Saba moves in on Terry Smith trust

Filings reveal US hedge fund Saba Capital has started building a stake in Smithson investment trust, suggesting it may become a target.

Activist investor Saba Capital has quietly started building a stake in Smithson investment trust (SSON ), managed by Terry Smith’s firm Fundsmith.

The £2bn trust, which is run by Simon Barnard and targets global small and medium sized companies, may find it becomes a fresh target for the US hedge fund which has so far launched a campaign to take over seven London-listed investment trusts.

Filings made by the Saba Capital Income and Opportunities Fund II show it purchased total return swaps, which according to The Times’ estimates gave the fund an economic interest of £7.4m in Smithson at the end of October.

In a letter to Smithson’s investors, Barnard acknowledged the trust’s performance in 2024 could ‘only be described as mediocre’, with net asset value (NAV) growth of only 2.1% versus an 11.5% increase by the MSCI World Small and Mid Cap benchmark.

The fund manager said this was partly down to higher-for-longer interest rates and rising US bond yields, as well as the US Federal Reserve signalling few interest rate cuts in 2025. He also admitted there was a ‘lack of outstanding winners getting the portfolio motoring’.

This has prompted Barnard to narrow his investment focus. He previously concentrated on companies with market caps between £500m to £15bn, but is now focusing on businesses ‘in the lower half of this range’.
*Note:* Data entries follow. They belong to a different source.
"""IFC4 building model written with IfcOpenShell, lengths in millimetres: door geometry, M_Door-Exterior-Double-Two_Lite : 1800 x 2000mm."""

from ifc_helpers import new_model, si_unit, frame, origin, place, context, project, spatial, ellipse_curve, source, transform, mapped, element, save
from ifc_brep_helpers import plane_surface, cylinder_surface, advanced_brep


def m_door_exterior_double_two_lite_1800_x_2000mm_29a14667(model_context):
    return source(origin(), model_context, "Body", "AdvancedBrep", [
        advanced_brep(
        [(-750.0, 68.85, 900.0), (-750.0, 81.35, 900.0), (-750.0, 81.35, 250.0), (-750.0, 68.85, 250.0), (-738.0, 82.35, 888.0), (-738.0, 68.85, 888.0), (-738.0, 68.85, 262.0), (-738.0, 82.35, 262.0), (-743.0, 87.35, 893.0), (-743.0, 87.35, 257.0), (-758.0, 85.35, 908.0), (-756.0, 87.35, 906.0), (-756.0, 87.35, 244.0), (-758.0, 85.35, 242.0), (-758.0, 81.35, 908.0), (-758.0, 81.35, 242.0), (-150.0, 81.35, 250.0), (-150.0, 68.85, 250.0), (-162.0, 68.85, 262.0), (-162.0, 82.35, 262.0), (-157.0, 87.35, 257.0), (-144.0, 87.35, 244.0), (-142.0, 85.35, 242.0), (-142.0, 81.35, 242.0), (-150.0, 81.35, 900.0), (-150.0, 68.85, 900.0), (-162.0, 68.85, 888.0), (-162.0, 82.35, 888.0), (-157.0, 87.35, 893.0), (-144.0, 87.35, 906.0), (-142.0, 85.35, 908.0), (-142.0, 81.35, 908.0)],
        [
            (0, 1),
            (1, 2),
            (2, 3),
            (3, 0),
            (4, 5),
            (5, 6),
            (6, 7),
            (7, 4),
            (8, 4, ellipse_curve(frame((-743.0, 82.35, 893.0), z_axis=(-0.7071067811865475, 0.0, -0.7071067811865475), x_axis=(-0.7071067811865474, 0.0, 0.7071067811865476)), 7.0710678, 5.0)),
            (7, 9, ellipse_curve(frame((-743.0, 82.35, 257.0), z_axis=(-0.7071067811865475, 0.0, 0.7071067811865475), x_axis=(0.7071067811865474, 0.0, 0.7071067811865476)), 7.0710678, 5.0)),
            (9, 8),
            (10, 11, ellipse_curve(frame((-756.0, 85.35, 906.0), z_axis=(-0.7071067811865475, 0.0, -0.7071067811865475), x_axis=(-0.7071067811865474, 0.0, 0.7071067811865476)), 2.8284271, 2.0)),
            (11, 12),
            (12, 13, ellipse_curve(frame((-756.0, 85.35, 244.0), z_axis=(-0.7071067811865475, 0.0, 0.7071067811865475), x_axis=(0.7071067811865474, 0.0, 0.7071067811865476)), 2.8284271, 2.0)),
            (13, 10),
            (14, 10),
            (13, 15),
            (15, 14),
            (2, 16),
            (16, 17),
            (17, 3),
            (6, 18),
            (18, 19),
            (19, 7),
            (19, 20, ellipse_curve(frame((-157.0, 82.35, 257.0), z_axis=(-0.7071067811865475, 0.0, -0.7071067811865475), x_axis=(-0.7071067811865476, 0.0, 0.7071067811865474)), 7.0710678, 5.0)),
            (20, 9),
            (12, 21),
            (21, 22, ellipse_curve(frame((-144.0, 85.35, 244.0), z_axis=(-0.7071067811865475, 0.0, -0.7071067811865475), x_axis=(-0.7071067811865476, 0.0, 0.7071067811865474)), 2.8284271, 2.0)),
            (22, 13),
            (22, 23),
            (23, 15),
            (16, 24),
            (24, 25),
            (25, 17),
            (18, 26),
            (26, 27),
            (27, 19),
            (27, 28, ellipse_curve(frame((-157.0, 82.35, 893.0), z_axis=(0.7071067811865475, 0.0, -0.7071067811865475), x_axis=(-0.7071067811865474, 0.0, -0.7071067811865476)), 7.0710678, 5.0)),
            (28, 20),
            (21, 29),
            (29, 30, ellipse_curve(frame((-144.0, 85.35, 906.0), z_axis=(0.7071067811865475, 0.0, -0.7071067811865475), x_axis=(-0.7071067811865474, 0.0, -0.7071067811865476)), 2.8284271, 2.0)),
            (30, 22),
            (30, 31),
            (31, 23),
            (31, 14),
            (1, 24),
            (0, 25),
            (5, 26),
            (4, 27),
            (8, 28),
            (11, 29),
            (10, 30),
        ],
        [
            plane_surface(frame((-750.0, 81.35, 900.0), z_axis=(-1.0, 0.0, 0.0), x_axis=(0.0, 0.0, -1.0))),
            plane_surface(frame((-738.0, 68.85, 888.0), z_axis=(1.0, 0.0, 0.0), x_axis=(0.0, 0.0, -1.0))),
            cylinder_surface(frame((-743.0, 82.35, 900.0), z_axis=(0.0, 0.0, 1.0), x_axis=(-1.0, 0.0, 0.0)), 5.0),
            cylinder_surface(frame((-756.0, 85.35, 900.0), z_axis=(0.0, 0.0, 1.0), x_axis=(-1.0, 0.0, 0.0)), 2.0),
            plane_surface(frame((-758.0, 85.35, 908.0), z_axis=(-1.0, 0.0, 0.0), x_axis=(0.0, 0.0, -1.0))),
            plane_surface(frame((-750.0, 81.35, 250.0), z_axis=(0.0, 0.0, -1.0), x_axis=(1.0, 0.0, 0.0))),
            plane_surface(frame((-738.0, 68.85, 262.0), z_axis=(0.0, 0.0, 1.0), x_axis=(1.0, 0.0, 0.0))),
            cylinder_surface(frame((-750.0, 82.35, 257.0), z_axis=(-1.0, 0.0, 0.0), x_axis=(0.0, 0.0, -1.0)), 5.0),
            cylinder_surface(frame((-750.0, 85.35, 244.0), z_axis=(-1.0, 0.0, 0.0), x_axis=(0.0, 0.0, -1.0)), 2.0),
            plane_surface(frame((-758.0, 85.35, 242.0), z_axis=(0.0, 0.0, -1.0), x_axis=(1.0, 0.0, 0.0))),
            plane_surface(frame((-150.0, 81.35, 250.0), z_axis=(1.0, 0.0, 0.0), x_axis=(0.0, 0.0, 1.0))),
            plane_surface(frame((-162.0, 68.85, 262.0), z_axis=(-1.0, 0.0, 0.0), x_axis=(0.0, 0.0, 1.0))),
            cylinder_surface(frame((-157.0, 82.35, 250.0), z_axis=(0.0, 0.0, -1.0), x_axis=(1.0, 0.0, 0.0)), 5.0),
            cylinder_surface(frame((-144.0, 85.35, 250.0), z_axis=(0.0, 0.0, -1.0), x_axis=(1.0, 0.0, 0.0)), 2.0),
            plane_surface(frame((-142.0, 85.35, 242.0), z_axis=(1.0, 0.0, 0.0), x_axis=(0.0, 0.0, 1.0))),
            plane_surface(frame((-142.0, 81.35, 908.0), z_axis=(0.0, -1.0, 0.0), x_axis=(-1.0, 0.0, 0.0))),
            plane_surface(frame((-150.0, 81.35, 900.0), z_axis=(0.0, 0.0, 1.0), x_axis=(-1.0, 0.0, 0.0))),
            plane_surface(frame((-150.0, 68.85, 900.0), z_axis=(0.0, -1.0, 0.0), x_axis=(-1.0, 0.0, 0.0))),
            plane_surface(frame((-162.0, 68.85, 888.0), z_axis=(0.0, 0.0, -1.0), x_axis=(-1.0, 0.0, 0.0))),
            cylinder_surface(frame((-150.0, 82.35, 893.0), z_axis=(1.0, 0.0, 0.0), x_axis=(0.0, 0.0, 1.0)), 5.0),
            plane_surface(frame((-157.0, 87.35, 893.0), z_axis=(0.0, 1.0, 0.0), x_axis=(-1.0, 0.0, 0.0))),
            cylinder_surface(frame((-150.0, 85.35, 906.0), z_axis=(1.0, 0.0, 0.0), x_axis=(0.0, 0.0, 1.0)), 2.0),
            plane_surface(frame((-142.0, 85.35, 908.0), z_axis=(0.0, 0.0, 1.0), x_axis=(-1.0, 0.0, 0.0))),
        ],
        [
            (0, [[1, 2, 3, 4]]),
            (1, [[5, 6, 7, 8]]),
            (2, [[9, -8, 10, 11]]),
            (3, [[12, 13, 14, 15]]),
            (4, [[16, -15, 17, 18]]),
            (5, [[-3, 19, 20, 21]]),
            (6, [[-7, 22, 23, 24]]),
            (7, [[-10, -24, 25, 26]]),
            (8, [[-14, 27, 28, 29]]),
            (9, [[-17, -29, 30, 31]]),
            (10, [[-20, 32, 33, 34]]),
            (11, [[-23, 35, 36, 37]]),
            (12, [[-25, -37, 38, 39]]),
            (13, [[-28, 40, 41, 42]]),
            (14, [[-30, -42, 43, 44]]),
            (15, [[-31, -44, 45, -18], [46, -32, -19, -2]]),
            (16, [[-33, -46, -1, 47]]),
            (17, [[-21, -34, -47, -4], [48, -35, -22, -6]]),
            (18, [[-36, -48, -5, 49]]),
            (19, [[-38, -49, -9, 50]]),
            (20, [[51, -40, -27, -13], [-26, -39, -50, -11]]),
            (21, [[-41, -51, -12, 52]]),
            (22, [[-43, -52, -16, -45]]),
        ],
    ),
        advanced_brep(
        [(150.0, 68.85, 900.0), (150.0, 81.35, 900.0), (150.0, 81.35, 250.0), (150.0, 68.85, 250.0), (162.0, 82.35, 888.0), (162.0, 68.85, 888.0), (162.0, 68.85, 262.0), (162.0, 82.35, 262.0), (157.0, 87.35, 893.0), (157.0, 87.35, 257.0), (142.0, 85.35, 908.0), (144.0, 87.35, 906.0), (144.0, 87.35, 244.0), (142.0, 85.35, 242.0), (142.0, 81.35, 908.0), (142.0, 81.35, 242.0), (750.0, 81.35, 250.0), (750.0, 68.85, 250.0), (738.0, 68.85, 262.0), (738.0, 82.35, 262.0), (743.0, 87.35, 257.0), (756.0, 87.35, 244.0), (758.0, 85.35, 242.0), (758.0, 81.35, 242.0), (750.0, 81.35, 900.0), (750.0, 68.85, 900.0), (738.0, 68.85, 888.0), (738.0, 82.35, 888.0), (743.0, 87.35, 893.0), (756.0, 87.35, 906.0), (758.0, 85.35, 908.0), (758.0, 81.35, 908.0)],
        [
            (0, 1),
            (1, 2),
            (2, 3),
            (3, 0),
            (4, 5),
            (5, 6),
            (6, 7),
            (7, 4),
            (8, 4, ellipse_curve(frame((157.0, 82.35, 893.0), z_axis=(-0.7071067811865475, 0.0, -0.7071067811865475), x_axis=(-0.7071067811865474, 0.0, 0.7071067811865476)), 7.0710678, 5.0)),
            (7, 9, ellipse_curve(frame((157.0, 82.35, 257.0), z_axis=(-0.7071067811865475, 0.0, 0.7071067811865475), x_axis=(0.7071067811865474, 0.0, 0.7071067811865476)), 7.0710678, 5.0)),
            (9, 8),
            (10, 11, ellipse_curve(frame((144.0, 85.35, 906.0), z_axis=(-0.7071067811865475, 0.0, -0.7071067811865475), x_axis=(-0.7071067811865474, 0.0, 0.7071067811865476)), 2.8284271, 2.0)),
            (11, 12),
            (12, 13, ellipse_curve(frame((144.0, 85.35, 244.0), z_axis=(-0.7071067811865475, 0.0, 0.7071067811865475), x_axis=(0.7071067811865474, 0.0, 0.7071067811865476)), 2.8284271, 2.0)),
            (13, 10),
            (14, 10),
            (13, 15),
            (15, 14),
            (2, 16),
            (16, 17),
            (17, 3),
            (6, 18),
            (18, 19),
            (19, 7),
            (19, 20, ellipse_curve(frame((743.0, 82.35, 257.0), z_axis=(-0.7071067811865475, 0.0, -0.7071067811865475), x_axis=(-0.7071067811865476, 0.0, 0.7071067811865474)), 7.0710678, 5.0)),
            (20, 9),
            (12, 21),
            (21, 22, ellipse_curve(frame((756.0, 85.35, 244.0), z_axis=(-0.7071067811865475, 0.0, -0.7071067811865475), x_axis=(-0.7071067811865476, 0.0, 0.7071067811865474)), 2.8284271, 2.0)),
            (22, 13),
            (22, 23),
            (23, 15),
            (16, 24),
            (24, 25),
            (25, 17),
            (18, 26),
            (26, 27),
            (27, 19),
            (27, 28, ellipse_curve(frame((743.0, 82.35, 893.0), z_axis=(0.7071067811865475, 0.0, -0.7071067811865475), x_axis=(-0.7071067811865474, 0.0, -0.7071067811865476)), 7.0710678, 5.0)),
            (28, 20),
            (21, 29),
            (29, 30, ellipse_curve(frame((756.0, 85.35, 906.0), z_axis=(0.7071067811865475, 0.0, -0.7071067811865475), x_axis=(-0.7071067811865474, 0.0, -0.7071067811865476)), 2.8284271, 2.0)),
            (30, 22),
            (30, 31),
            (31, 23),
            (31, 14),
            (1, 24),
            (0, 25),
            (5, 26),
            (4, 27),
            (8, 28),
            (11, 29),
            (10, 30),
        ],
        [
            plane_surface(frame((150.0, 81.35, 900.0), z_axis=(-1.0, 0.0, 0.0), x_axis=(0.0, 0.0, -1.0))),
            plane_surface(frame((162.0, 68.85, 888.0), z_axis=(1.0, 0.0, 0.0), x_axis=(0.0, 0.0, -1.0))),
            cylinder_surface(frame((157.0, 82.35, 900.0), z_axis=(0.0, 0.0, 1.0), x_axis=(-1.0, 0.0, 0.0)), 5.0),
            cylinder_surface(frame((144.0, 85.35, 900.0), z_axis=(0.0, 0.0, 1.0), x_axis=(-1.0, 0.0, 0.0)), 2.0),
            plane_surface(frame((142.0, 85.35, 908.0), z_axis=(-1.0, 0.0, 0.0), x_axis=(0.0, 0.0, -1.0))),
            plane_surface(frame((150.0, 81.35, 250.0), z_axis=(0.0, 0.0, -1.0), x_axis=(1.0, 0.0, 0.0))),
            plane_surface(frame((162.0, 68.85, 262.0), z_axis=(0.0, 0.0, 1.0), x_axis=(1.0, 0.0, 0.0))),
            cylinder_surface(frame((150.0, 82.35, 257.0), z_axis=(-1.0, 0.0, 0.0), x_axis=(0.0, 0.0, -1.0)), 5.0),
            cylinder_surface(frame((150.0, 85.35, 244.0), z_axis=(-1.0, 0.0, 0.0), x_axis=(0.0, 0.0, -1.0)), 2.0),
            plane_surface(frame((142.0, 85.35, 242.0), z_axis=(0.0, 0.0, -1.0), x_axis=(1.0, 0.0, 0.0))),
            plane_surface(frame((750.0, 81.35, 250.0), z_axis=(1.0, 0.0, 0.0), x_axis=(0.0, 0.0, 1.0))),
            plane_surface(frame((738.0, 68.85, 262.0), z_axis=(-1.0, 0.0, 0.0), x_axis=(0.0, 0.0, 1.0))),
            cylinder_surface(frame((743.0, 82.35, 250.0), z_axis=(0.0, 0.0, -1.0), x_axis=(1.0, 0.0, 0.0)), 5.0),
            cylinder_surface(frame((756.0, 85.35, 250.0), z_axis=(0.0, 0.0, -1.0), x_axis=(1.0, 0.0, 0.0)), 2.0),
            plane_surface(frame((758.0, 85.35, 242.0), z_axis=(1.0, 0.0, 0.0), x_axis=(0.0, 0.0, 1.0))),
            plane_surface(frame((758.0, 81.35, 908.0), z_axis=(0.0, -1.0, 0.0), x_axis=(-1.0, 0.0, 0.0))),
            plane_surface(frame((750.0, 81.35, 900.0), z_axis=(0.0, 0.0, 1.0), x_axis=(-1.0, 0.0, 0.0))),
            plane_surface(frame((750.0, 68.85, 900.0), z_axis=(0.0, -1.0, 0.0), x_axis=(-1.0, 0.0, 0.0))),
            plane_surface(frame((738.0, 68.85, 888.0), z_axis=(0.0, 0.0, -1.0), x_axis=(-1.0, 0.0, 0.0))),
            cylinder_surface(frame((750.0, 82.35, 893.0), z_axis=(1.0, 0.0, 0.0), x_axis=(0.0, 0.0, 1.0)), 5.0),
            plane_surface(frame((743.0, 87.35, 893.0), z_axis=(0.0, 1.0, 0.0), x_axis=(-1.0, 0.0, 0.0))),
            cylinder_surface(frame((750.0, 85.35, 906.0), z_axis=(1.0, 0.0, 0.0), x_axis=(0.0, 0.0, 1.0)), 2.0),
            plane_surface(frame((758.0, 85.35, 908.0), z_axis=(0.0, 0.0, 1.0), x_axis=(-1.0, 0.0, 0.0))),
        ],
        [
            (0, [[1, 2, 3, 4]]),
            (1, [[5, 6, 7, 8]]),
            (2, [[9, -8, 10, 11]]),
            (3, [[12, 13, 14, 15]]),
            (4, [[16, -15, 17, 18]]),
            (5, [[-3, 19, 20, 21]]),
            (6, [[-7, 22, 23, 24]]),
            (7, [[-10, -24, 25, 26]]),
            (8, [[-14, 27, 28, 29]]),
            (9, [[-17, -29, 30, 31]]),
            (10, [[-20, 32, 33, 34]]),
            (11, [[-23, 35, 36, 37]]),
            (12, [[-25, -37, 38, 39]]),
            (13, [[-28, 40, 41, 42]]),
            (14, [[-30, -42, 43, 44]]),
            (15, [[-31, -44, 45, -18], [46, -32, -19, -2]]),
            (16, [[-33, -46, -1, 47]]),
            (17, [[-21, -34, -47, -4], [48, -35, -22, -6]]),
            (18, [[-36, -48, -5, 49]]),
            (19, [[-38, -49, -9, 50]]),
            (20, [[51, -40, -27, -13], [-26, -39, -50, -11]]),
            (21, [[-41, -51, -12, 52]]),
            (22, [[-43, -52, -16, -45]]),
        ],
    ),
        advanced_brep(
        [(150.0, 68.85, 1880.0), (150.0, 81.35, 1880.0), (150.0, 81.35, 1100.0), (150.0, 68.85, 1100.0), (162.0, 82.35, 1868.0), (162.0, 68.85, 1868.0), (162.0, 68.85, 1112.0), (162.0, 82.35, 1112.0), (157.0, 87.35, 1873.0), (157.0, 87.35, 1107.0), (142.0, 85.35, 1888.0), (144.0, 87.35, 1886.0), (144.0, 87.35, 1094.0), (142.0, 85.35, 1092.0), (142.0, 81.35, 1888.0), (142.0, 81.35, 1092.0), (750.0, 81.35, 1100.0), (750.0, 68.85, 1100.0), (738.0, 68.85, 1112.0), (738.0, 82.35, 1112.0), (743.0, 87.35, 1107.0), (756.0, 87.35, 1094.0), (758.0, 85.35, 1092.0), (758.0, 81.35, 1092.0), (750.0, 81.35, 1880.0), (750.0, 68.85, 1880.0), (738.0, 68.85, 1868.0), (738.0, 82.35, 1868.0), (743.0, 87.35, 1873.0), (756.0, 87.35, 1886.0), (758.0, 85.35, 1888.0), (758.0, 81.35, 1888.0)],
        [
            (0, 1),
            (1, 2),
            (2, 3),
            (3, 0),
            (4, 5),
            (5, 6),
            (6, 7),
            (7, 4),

Over the past year, Smithson’s share price is up 9% versus 12.7% by the average trust in the AIC’s global smaller companies sector. Over three years, the trust is down 7.7% versus a 2.9% loss by the sector average.

Saba’s campaign

Saba, which is headed by Boaz Weinstein, has built stakes in around 30 investment companies and has requisitioned general meetings at seven trusts so far. It pointed out they are all underperforming or trading at chronically wide discounts to NAV.

It has proposed replacing the current boards with two nominees of its choice, Saba portfolio manager Paul Kazarian and investment banking veteran Jassen Trenkow. It will offer ‘substantial liquidity’ for shareholders wishing to exit and then it is likely to appoint itself as fund manager.

On 22 January, Saba lost its first vote against Herald investment trust, where shareholders voted around 65% to 35% against a plan to ditch current chair Andrew Joy and five other directors.

The other six targets, which have votes in February, include Baillie Gifford US Growth (USA ), as well as stablemates Edinburgh Worldwide (EWI ) and Keystone Positive Change (KPC ). Also targeted are CQS Natural Resources Growth and Income (CYN ) and a pair of trusts run by Janus Henderson: European Smaller Companies (ESCT ) and Henderson Opportunities (HOT ).